Embedded chips could let users pay credit card bills with mobile devices

NEW YORK - Already a device of multiple disguises, from camera to music player and mini-TV, the cell phone's next trick may be the disappearing wallet.

After all, since more than a quarter of the people on the planet already carry cell phones, and hundreds of millions are joining them every year, why should they bring along credit and debit cards when a mobile device can make payments just as well?

At the simplest level, all that's needed is to embed phones with a short-range radio chip to beam credit card information to a terminal at a store register. It's not unlike the wireless system used to pay tolls on many highways or the SpeedPass keychain wand used to buy gas at Exxon Mobile Corp. pumps.

This is already a reality in Japan, where NTT DoCoMo Inc. says 3 million cell phone subscribers use its Mobile Wallet service to buy things at 20,000 stores and vending machines.

Similar services may be on the way in the United States and Europe. MasterCard International Inc. has been testing phone-based versions of its PayPass contactless payment technology since 2003, and it may conduct a significant market trial next year.

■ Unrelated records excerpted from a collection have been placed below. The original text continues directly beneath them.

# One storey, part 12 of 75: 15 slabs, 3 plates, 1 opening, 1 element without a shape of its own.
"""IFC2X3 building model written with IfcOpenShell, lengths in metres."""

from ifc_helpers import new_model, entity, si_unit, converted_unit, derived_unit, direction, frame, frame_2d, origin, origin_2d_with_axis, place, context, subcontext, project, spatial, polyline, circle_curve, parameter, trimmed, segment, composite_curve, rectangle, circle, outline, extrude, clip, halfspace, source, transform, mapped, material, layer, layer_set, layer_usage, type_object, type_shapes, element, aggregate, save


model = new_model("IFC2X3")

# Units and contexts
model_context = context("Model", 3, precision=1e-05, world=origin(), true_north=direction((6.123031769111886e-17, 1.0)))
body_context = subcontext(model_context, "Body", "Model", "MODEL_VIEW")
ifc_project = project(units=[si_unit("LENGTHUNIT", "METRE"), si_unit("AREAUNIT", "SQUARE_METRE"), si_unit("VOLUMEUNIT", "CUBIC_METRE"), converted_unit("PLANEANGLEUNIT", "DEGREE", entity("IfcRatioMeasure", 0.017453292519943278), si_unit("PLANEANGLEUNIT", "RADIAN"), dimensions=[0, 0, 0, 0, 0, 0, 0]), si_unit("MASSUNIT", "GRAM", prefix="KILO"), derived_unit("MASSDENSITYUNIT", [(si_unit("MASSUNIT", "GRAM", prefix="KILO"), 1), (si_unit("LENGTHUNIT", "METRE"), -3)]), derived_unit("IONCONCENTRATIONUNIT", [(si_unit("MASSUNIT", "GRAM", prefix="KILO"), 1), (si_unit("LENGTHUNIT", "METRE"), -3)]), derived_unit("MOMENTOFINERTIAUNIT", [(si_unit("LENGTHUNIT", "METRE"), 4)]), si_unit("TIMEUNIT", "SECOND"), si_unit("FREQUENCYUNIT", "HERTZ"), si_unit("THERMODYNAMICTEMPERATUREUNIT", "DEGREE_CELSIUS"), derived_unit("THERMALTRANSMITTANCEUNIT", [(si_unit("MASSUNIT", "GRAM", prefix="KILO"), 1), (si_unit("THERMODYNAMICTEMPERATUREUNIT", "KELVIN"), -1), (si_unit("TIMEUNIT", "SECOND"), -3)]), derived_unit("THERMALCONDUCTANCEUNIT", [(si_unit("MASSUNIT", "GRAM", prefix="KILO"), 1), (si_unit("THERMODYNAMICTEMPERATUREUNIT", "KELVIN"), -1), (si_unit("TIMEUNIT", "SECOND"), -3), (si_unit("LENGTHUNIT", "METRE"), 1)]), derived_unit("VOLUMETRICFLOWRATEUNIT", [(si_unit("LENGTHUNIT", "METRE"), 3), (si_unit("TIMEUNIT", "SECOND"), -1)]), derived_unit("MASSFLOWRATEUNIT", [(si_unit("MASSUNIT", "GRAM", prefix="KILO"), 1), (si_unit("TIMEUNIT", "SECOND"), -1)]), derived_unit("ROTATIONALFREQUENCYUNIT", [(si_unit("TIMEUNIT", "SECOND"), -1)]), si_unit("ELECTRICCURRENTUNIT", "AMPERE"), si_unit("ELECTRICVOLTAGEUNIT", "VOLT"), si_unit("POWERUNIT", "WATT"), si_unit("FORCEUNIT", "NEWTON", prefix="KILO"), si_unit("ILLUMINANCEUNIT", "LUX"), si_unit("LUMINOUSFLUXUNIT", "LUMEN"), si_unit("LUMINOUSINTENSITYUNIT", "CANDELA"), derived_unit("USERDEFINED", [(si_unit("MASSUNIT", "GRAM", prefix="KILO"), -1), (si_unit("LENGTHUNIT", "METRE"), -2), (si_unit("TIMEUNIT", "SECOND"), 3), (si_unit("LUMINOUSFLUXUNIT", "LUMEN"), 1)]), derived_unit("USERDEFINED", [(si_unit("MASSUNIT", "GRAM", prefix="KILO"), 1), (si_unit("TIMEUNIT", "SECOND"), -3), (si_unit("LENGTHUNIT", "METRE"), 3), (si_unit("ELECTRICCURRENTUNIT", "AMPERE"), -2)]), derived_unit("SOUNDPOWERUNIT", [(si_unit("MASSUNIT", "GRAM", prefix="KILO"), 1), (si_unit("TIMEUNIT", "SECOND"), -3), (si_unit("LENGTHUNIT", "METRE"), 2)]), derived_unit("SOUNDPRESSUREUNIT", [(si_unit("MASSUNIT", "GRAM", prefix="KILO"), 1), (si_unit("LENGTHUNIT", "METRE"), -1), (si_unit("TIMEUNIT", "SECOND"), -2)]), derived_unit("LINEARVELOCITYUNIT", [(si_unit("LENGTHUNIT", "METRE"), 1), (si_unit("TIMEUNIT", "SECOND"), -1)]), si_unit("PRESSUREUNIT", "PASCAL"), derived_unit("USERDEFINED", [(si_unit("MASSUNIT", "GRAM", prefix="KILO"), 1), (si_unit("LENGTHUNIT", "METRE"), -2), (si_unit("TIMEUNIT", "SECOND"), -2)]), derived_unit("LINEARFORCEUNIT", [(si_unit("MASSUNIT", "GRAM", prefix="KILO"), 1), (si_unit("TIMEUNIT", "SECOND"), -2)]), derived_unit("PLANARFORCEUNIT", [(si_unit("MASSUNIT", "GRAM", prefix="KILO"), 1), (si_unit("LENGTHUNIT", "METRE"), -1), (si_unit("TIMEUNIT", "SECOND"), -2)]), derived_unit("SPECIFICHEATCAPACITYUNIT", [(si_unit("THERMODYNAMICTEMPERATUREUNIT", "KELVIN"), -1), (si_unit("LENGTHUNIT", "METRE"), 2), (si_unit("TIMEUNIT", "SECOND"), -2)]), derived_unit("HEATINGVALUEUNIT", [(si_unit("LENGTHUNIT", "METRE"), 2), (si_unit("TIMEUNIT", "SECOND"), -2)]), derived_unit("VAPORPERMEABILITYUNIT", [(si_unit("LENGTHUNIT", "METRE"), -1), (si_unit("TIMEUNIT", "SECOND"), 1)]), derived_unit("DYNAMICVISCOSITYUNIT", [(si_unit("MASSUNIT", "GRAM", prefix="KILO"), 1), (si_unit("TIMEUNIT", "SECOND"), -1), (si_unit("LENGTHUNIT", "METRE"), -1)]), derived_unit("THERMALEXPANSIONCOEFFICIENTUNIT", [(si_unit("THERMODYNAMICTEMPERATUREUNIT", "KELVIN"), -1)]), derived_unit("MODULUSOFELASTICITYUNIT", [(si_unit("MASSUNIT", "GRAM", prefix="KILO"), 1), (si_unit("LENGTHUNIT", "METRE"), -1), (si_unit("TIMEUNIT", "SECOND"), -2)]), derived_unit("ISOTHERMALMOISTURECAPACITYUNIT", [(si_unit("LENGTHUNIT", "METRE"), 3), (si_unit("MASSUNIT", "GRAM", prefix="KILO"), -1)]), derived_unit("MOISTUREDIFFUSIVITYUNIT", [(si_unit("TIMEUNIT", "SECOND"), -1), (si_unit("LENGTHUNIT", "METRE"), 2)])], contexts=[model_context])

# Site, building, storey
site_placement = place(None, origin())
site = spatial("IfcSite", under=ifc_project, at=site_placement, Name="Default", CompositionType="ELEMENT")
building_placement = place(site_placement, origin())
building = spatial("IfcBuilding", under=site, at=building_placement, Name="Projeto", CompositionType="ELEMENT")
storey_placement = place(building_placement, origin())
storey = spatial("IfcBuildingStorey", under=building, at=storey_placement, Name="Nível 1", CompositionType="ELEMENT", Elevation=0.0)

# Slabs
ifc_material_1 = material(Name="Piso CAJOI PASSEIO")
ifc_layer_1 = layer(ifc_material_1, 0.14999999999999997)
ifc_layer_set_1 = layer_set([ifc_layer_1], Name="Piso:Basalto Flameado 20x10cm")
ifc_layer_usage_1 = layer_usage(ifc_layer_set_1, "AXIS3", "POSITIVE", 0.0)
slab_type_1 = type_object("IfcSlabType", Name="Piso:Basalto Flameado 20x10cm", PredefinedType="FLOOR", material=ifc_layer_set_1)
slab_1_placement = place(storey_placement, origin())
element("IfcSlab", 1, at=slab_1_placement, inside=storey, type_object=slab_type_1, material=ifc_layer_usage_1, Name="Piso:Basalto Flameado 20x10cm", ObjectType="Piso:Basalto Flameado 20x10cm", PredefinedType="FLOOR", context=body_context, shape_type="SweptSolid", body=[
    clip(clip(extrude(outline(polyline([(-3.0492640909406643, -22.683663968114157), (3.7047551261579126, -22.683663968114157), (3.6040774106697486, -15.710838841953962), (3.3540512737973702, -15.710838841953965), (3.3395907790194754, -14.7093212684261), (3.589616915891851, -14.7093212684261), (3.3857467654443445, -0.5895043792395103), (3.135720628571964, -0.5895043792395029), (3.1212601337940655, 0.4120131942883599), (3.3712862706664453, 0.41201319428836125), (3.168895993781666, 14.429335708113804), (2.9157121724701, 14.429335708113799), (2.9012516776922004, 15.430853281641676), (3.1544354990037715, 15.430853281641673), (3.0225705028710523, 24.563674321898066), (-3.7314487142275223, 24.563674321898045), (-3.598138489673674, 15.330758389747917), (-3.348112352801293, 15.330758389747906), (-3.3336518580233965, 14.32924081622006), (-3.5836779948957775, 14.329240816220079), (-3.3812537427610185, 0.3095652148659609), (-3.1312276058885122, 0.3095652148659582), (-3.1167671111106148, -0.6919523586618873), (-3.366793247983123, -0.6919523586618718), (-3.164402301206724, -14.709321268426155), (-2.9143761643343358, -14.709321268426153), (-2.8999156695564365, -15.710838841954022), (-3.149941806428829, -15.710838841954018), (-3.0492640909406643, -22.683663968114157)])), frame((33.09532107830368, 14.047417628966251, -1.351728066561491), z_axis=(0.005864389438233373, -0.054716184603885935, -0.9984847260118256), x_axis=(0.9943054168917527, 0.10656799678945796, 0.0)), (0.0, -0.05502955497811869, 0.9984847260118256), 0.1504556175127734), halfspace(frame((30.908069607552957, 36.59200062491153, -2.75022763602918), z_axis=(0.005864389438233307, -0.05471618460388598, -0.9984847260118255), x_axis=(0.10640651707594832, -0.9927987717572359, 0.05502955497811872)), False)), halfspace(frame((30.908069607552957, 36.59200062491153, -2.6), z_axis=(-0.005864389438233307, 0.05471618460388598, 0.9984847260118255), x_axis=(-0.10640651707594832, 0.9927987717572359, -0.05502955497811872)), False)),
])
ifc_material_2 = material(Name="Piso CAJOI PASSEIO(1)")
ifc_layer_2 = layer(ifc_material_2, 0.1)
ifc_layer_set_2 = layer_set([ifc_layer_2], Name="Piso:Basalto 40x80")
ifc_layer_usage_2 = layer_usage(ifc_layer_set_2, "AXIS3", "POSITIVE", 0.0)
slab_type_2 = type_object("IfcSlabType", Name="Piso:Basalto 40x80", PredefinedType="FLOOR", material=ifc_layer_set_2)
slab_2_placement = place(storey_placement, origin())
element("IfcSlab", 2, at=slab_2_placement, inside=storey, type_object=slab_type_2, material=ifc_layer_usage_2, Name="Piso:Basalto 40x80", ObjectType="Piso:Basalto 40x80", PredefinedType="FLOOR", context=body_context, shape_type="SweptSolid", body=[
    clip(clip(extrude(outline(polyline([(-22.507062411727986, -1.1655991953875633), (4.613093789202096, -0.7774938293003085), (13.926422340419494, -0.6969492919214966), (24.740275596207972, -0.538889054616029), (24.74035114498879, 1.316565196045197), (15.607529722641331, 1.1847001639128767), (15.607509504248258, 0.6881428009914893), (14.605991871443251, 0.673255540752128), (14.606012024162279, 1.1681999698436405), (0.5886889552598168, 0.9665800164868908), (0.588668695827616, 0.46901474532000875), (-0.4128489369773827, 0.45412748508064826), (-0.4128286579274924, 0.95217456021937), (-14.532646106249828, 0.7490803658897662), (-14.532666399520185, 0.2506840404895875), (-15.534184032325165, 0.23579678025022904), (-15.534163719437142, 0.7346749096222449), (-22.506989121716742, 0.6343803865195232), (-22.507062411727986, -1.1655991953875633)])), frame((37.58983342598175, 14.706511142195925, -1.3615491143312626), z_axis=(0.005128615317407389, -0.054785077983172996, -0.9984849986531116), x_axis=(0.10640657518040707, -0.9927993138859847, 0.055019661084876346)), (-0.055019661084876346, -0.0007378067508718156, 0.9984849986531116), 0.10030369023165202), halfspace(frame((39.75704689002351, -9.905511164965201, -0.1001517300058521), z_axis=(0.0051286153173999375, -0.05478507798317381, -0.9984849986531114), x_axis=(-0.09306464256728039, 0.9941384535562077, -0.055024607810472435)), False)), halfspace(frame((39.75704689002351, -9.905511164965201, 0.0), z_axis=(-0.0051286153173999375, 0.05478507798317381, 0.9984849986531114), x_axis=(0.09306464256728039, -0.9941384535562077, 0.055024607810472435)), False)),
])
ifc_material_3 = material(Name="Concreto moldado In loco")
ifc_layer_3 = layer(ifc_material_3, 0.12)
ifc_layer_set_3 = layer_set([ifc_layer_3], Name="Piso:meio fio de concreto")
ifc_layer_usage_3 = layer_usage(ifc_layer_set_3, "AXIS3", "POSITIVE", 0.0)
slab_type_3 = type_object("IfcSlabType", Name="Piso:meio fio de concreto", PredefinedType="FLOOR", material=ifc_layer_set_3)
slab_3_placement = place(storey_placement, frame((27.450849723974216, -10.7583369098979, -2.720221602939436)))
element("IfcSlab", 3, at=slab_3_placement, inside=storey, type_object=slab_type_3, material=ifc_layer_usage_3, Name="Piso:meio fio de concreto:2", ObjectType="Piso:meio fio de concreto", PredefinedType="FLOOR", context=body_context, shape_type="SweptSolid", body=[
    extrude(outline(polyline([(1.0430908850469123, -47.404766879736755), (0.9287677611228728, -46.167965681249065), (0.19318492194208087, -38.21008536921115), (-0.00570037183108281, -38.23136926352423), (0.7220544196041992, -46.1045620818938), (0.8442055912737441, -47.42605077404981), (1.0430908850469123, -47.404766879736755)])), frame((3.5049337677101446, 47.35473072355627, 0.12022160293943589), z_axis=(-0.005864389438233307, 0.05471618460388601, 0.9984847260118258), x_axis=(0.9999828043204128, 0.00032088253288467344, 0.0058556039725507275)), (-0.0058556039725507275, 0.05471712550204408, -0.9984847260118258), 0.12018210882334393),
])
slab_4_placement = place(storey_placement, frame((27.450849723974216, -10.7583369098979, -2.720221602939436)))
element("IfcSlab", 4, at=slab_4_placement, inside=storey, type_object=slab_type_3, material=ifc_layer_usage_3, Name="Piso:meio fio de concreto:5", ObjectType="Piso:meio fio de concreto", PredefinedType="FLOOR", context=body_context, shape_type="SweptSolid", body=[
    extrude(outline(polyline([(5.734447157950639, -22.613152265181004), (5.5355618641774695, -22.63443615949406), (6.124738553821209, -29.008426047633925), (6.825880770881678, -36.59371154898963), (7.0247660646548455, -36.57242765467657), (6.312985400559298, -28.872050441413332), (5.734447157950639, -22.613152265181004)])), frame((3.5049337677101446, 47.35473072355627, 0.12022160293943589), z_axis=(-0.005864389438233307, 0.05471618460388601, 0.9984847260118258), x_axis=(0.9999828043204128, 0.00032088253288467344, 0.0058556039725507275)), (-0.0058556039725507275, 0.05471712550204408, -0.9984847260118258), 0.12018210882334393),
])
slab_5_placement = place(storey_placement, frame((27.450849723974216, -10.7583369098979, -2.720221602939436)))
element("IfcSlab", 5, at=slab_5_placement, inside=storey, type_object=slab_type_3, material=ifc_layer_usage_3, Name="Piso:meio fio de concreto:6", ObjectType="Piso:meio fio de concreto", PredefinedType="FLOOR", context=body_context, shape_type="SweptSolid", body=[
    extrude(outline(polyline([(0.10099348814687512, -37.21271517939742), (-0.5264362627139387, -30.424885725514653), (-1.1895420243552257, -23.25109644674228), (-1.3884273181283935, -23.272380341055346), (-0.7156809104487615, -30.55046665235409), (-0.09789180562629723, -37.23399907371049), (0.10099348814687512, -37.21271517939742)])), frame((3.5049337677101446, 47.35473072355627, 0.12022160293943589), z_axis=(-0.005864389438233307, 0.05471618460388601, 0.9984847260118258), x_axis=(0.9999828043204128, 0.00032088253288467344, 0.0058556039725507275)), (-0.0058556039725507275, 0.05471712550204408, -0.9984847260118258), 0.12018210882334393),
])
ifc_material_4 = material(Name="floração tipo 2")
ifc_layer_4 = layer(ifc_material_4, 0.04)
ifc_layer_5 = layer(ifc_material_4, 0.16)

But there also are more ambitious visions brewing that contemplate the cell phone as a new focal point for managing your personal finances.

The phone would supplant not only credit and debit cards, but also wallets, checkbooks, Web sites, computer programs such as Quicken and online bill payment services such as PayPal or CheckFree.

While the mightiest players in Western banking have yet to embrace that notion, and some are dubious of the appeal, the concept has drawn interest in other regions and may get a tryout here soon.

A small technology company named C-Sam Inc. recently succeeded in launching its OneWallet cell phone platform with corporations in the United Arab Emirates, India and Japan.

Executives for the Chicago-based company assert they're about to sign on one of the biggest U.S. banks and one of the nation's top issuers of store-brand credit cards to conduct trials of the platform, which can be used to manage a variety of accounts and transactions from a cell phone.

In the United Arab Emirates, OneWallet is being marketed by U.A.E. Exchange as a convenience to that nation's huge work force of expatriates from India who regularly wire money home. So far, there are about 400 users.

Despite the logic of tying all your financial dealings to a device that many people keep by their side at all times, major credit card companies don't see the phone as a convenient nerve center for managing finances.

The card companies' main goal is to drive more spending - and card transaction fees - by making the phone a quick way to pay with a single designated account.

The technology is already gathering momentum without being installed in phones: In May, JPMorgan Chase & Co. announced plans for a mass-market rollout of MasterCard and Visa cards with a radio chip, starting this summer in Atlanta with nearly 1 million of the cards going out to consumers.

Likewise, major merchants, led by McDonald's Corp. and 7-Eleven Inc., are already installing radio terminals over which customers can flash these new-age plastic cards.